Reputation management

By far the biggest marketing tool you have as a freelancer is your reputation. So much so, that a good reputation can actually negate the need for any other marketing tools completely.

A good reputation takes a long time to build and during this process I do not advocate bypassing other marketing methods; in fact, blogging and twittering can actually be a big help in building your credibility.

Reputation through reliability

As a freelancer, the biggest thing I can offer the web agencies I work for is peace of mind. They’ll often contact a freelancer when they’re understaffed and need a piece of work doing quickly. People who are efficient, friendly and professional will keep getting the work because agencies are terrified of handing over a job and not getting the results back.

The best way you can offer that peace of mind is to:

  • Quote realistic timeframes and deliver on time
  • Communicate your progress effectively
  • Alert them to any issues you’ve found

That last one is important. You have to make sure if you run into anything e.g. an unsecure application, an inaccessible interface or a HTML email that looks pants in Outlook 2007, that you let your client know.

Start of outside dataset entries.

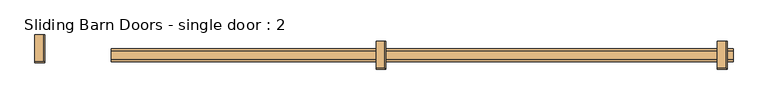
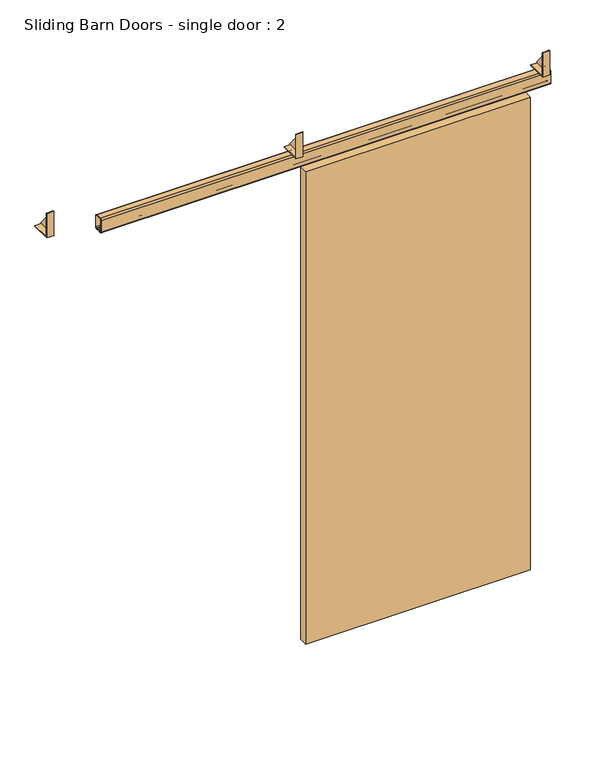
"""IFC4 building model written with IfcOpenShell, lengths in millimetres: door geometry, Sliding Barn Doors - single door : 2."""

from ifc_helpers import new_model, si_unit, point, frame, frame_2d, origin, place, context, project, spatial, polyline, circle_curve, trimmed, segment, composite_curve, outline, extrude, source, transform, mapped, element, save


def sliding_barn_doors_single_door_2_0560d3d1(model_context):
    return source(origin(), model_context, "Body", "SweptSolid", [
        extrude(outline(polyline([(158.75, 2152.65), (158.75, 2146.3), (79.375, 2146.3), (79.375, 2247.773), (158.75, 2152.65)])), frame((-1487.5371094, 0.0, 0.0), z_axis=(1.0, 0.0, 0.0), x_axis=(0.0, 1.0, 0.0)), (0.0, 0.0, 1.0), 3.175),
        extrude(outline(polyline([(76.2, 2143.125), (76.2, 2247.773), (79.375, 2247.773), (79.375, 2146.3), (158.75, 2146.3), (158.75, 2143.125), (76.2, 2143.125)])), frame((-1512.8378906, 0.0, 0.0), z_axis=(1.0, 0.0, 0.0), x_axis=(0.0, 1.0, 0.0)), (0.0, 0.0, 1.0), 28.4757812),
        extrude(outline(polyline([(139.7, 2152.65), (139.7, 2146.3), (60.325, 2146.3), (60.325, 2247.773), (139.7, 2152.65)])), frame((-484.2371094, 0.0, 0.0), z_axis=(1.0, 0.0, 0.0), x_axis=(0.0, 1.0, 0.0)), (0.0, 0.0, 1.0), 3.175),
        extrude(outline(polyline([(57.15, 2143.125), (57.15, 2247.773), (60.325, 2247.773), (60.325, 2146.3), (139.7, 2146.3), (139.7, 2143.125), (57.15, 2143.125)])), frame((-509.5378906, 0.0, 0.0), z_axis=(1.0, 0.0, 0.0), x_axis=(0.0, 1.0, 0.0)), (0.0, 0.0, 1.0), 28.4757813),
        extrude(outline(polyline([(139.7, 2152.65), (139.7, 2146.3), (60.325, 2146.3), (60.325, 2247.773), (139.7, 2152.65)])), frame((519.0628906, 0.0, 0.0), z_axis=(1.0, 0.0, 0.0), x_axis=(0.0, 1.0, 0.0)), (0.0, 0.0, 1.0), 3.175),
        extrude(outline(polyline([(57.15, 2143.125), (57.15, 2247.773), (60.325, 2247.773), (60.325, 2146.3), (139.7, 2146.3), (139.7, 2143.125), (57.15, 2143.125)])), frame((493.7621094, 0.0, 0.0), z_axis=(1.0, 0.0, 0.0), x_axis=(0.0, 1.0, 0.0)), (0.0, 0.0, 1.0), 28.4757813),
        extrude(outline(polyline([(-355.854, 117.475), (-304.546, 117.475), (-304.546, 114.3), (-355.854, 114.3), (-355.854, 117.475)])), frame((0.0, 0.0, 1889.252), z_axis=(0.0, 0.0, 1.0), x_axis=(1.0, 0.0, 0.0)), (0.0, 0.0, 1.0), 168.148),
        extrude(outline(polyline([(304.546, 117.475), (355.854, 117.475), (355.854, 114.3), (304.546, 114.3), (304.546, 117.475)])), frame((0.0, 0.0, 1889.252), z_axis=(0.0, 0.0, 1.0), x_axis=(1.0, 0.0, 0.0)), (0.0, 0.0, 1.0), 168.148),
        extrude(outline(polyline([(-457.2, 114.3), (457.2, 114.3), (457.2, 79.375), (-457.2, 79.375), (-457.2, 114.3)])), frame((0.0, 0.0, 25.4), z_axis=(0.0, 0.0, 1.0), x_axis=(1.0, 0.0, 0.0)), (0.0, 0.0, 1.0), 2032.0),
        extrude(outline(composite_curve([segment(polyline([(85.725, 2143.125), (111.252, 2143.125)]), True, "CONTINUOUS"), segment(trimmed(circle_curve(frame_2d((111.252, 2136.775)), 6.35), [point((111.252, 2143.125))], [point((117.602, 2136.775))], False, "CARTESIAN"), True, "CONTINUOUS"), segment(polyline([(117.602, 2136.775), (117.602, 2088.515)]), True, "CONTINUOUS"), segment(trimmed(circle_curve(frame_2d((111.252, 2088.515)), 6.35), [point((117.602, 2088.515))], [point((111.252, 2082.165))], False, "CARTESIAN"), True, "CONTINUOUS"), segment(polyline([(111.252, 2082.165), (105.8433147, 2082.165)]), True, "CONTINUOUS"), segment(trimmed(circle_curve(frame_2d((105.8433147, 2083.7525)), 1.5875), [point((105.8433147, 2082.165))], [point((104.2849816, 2083.4495907))], False, "CARTESIAN"), True, "CONTINUOUS"), segment(polyline([(104.2849816, 2083.4495907), (102.8594659, 2090.7832331), (104.3756029, 2090.7832331), (105.7615251, 2083.6532812), (111.252, 2083.6532812)]), True, "CONTINUOUS"), segment(trimmed(circle_curve(frame_2d((111.252, 2088.515)), 4.8617187), [point((111.252, 2083.6532812))], [point((116.1137188, 2088.515))], True, "CARTESIAN"), True, "CONTINUOUS"), segment(polyline([(116.1137188, 2088.515), (116.1137188, 2136.775)]), True, "CONTINUOUS"), segment(trimmed(circle_curve(frame_2d((111.252, 2136.775)), 4.8617187), [point((116.1137188, 2136.775))], [point((111.252, 2141.6367187))], True, "CARTESIAN"), True, "CONTINUOUS"), segment(polyline([(111.252, 2141.6367187), (85.725, 2141.6367187)]), True, "CONTINUOUS"), segment(trimmed(circle_curve(frame_2d((85.725, 2136.775)), 4.8617187), [point((85.725, 2141.6367187))], [point((80.8632813, 2136.775))], True, "CARTESIAN"), True, "CONTINUOUS"), segment(polyline([(80.8632813, 2136.775), (80.8632813, 2088.515)]), True, "CONTINUOUS"), segment(trimmed(circle_curve(frame_2d((85.725, 2088.515)), 4.8617187), [point((80.8632813, 2088.515))], [point((85.725, 2083.6532812))], True, "CARTESIAN"), True, "CONTINUOUS"), segment(polyline([(85.725, 2083.6532812), (91.2154749, 2083.6532812), (92.6013971, 2090.7832331), (94.1175341, 2090.7832331), (92.6920184, 2083.4495907)]), True, "CONTINUOUS"), segment(trimmed(circle_curve(frame_2d((91.1336853, 2083.7525)), 1.5875), [point((92.6920184, 2083.4495907))], [point((91.1336853, 2082.165))], False, "CARTESIAN"), True, "CONTINUOUS"), segment(polyline([(91.1336853, 2082.165), (85.725, 2082.165)]), True, "CONTINUOUS"), segment(trimmed(circle_curve(frame_2d((85.725, 2088.515)), 6.35), [point((85.725, 2082.165))], [point((79.375, 2088.515))], False, "CARTESIAN"), True, "CONTINUOUS"), segment(polyline([(79.375, 2088.515), (79.375, 2136.775)]), True, "CONTINUOUS"), segment(trimmed(circle_curve(frame_2d((85.725, 2136.775)), 6.35), [point((79.375, 2136.775))], [point((85.725, 2143.125))], False, "CARTESIAN"), True, "CONTINUOUS")], self_intersect=False)), frame((-1289.05, 0.0, 0.0), z_axis=(1.0, 0.0, 0.0), x_axis=(0.0, 1.0, 0.0)), (0.0, 0.0, 1.0), 1828.8),
    ])


if __name__ == "__main__":
    model = new_model("IFC4")
    model_context = context("Model", 3, world=origin())
    ifc_project = project(units=[si_unit("LENGTHUNIT", "METRE", prefix="MILLI")], contexts=[model_context])
    site = spatial("IfcSite", under=ifc_project)
    building = spatial("IfcBuilding", under=site)
    placement = place(None, origin())
    sliding_barn_doors_single_door_2_shape = sliding_barn_doors_single_door_2_0560d3d1(model_context)
    element("IfcDoor", 1, ObjectType="Sliding Barn Doors - single door : 2", at=placement, inside=building, context=model_context, shape_type="MappedRepresentation", body=[
        mapped(sliding_barn_doors_single_door_2_shape, transform((0.0, 0.0, 0.0), x_axis=(1.0, 0.0, 0.0), y_axis=(0.0, 1.0, 0.0), z_axis=(0.0, 0.0, 1.0))),
    ])
    save(model, "model.ifc")

# Revit data of these elements
# Type "Sliding Barn Doors - single door : 2"
#   Type Mark = "62"
#   OD_DS_Door_Material = "T.B.D."
#   OD_DS_Door_Type = "SLIDER"
#   OD_DS_Lockset = "-"
#   Analytic Construction = "<None>"
#   rail_overlap_left = 0' - 5 1/4"
#   rail_length = 6' - 0"
#   overlap_left = 0' - 2"
#   overlap = 0' - 0"
#   bracket_right = 3' - 7"
#   bracket_left = 0' - 4"
#   Thickness = 0' - 1 3/8"
#   Panel Width = 3' - 0"
#   Panel Height = 6' - 8"
#   Gap 2 = 0' - 0 1/2"
#   Gap 1 = 0' - 0 7/8"
#   Frame Projection Ext. = 0' - 1"
#   Frame Projection Int. = 0' - 1"
#   Frame Width = 0' - 3"
#   Height = 6' - 4"
#   Width = 2' - 8"
#   Bracket_offset = 0' - 5"
#   Door_4 = no
#   Door_3 = no
#   Hardware Material = Metal - Aluminum
#   Door Material = Closet_1
#   Function = (empty or 0)
#   Wall Closure = (empty or 0)
# Element 1 (IfcDoor, "Sliding Barn Doors - single door : 2")
#   Materials on its faces: "Metal - Aluminum", "Closet_1"
# Materials
#   "Metal - Aluminum": class "Metal", colour RGB 247 247 247, transparency 0
#   "Closet_1": class "Paint", colour RGB 200 194 183, transparency 0, Cost = 0

They may be aware and not care but if they are not aware you may save them hassle later (whilst covering your own behind). If your client hands you a design featuring 9px red on black Comic Sans for the body copy — it’s your duty to let them know why in your professional opinion that it’s a bad idea.

The more reliable you are to perceived to be, the more your reputation swells; supplement your engorged rep that with a dash of networking and you’ll soon find not just more work but you’ll actually start to see the work come to you instead of you seeking it out.

Reputation via your client list/portfolio

Another way to build your reputation is to work for big name clients. If you find yourself freelancing at one of London’s most well known agencies don’t be surprised to find the other big agencies becoming a lot more interested in your services. The same is true for the actual pieces of work you do — if you find yourself working on a project for a large commercial client that will always stand out far more than doing work for a local ecommerce business.

Let’s put it this way, if you were interviewing candidates for a new web developer role and one of the applicants had a 2 year stint at digg or facebook on their CV I would think the vast majority of employers would be very impressed by that. Does it mean the applicant is any better as a programmer? Yes, it’s possible but it’s not a given.

Damage limitation

It’s very important to be seen not to be making a mess. If you work for a company who are continually delivering poor quality to clients you need to get out of there. This is not the same as abandoning ship on the way down — far from it. In fact, if you’re building your reputation up it can *sometimes* be a good idea to stick around for a bit as this gets yourself a reputation as a web firefighter rescuing cursed projects.

In my career to date I’ve worked for a couple of companies who were consistently botching projects and I left. Imagine how all those banking executives from banks like RBS are now fairing in the jobs market. Even if they did sterling work I wonder whether the mistakes of their superiors are now counting against them in interviews.